REQUIRED ACTION: Your reply should consist of one number: how many lines below contain "VENT".

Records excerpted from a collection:
:::

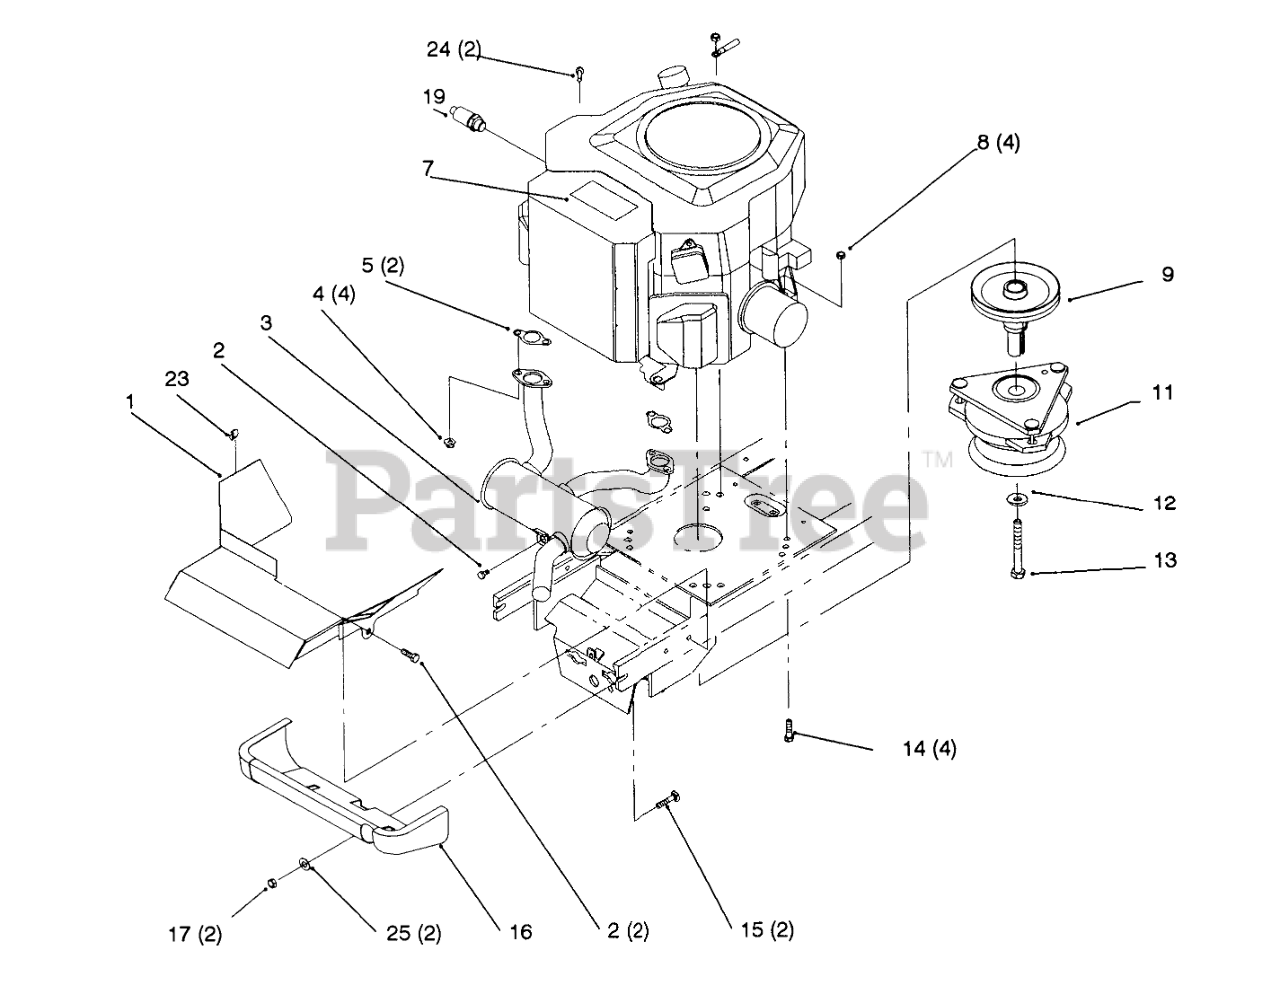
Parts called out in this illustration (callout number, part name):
1	Baffle-MufRer (Only On:72103)
2	Screw-HWHTF (Only On:72103)
3	Muffler (Only On: 72103)
4	Nut-HHF (Only On: 72103)
5	Gasket-Exhaust (Only On: 72103)
7	Decal-Toro Power Plus 18 (Only On: 72103)
8	Nut-Lock (Only On: 72103)
9	Pulley (Only On: 72103)
11	Clutch-PTO (Only On: 72103)
12	Washer-PTO (Only On: 72103)
13	Screw HH (Only On: 72103)
14	Screw- HH (Only On: 72103)
15	Bolt-CARR (Only On: 72103)
16	Shield-Muffler (Only On: 72103)
17	Nut-Lock (Only On: 72103)
19	Valve-Oil Drain (Only On: 72103)
23	Clip-Wire Retainer (Only On: 72103)
24	Screw-PPH (Only On: 72103)
25	Washer-Flat (Only On: 72103)
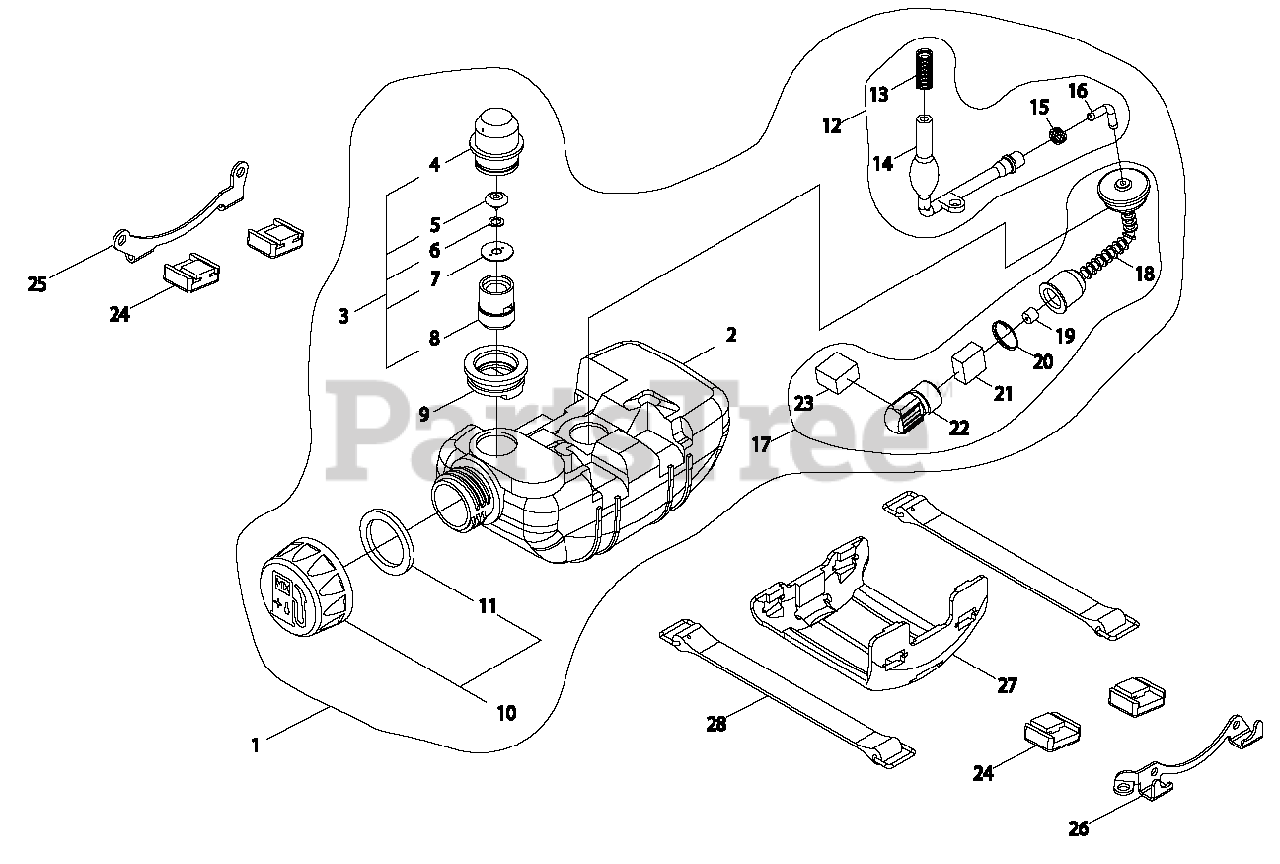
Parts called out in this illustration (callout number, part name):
1	FUEL TANK ASSY
2	TANK, FUEL
3	VENT ASSY
4	CAP, BREATHER
5	VENT, FUEL TANK
6	WASHER
7	RETAINER
8	HOLDER, VENT
9	GROMMET
10	CAP ASSY
11	GASKET, CAP
12	FUEL PIPE ASSY
13	CLAMP
14	PIPE - FUEL
15	CLIP - 7.8
16	CONNECTOR, PIPE
17	FUEL FILTER ASSY
18	PIPE - FUEL
19	VALVE, CHECK
20	CLIP
21	FILTER, FUEL - B
22	WEIGHT, FUEL FILTER
23	FILTER, FUEL - A
24	CUSHION
25	BRACKET - INNER
26	BRACKET - OUTER
27	GUARD, FUEL TANK
28	STRAP, FUEL TANK

:::

TASK OUTPUT: 3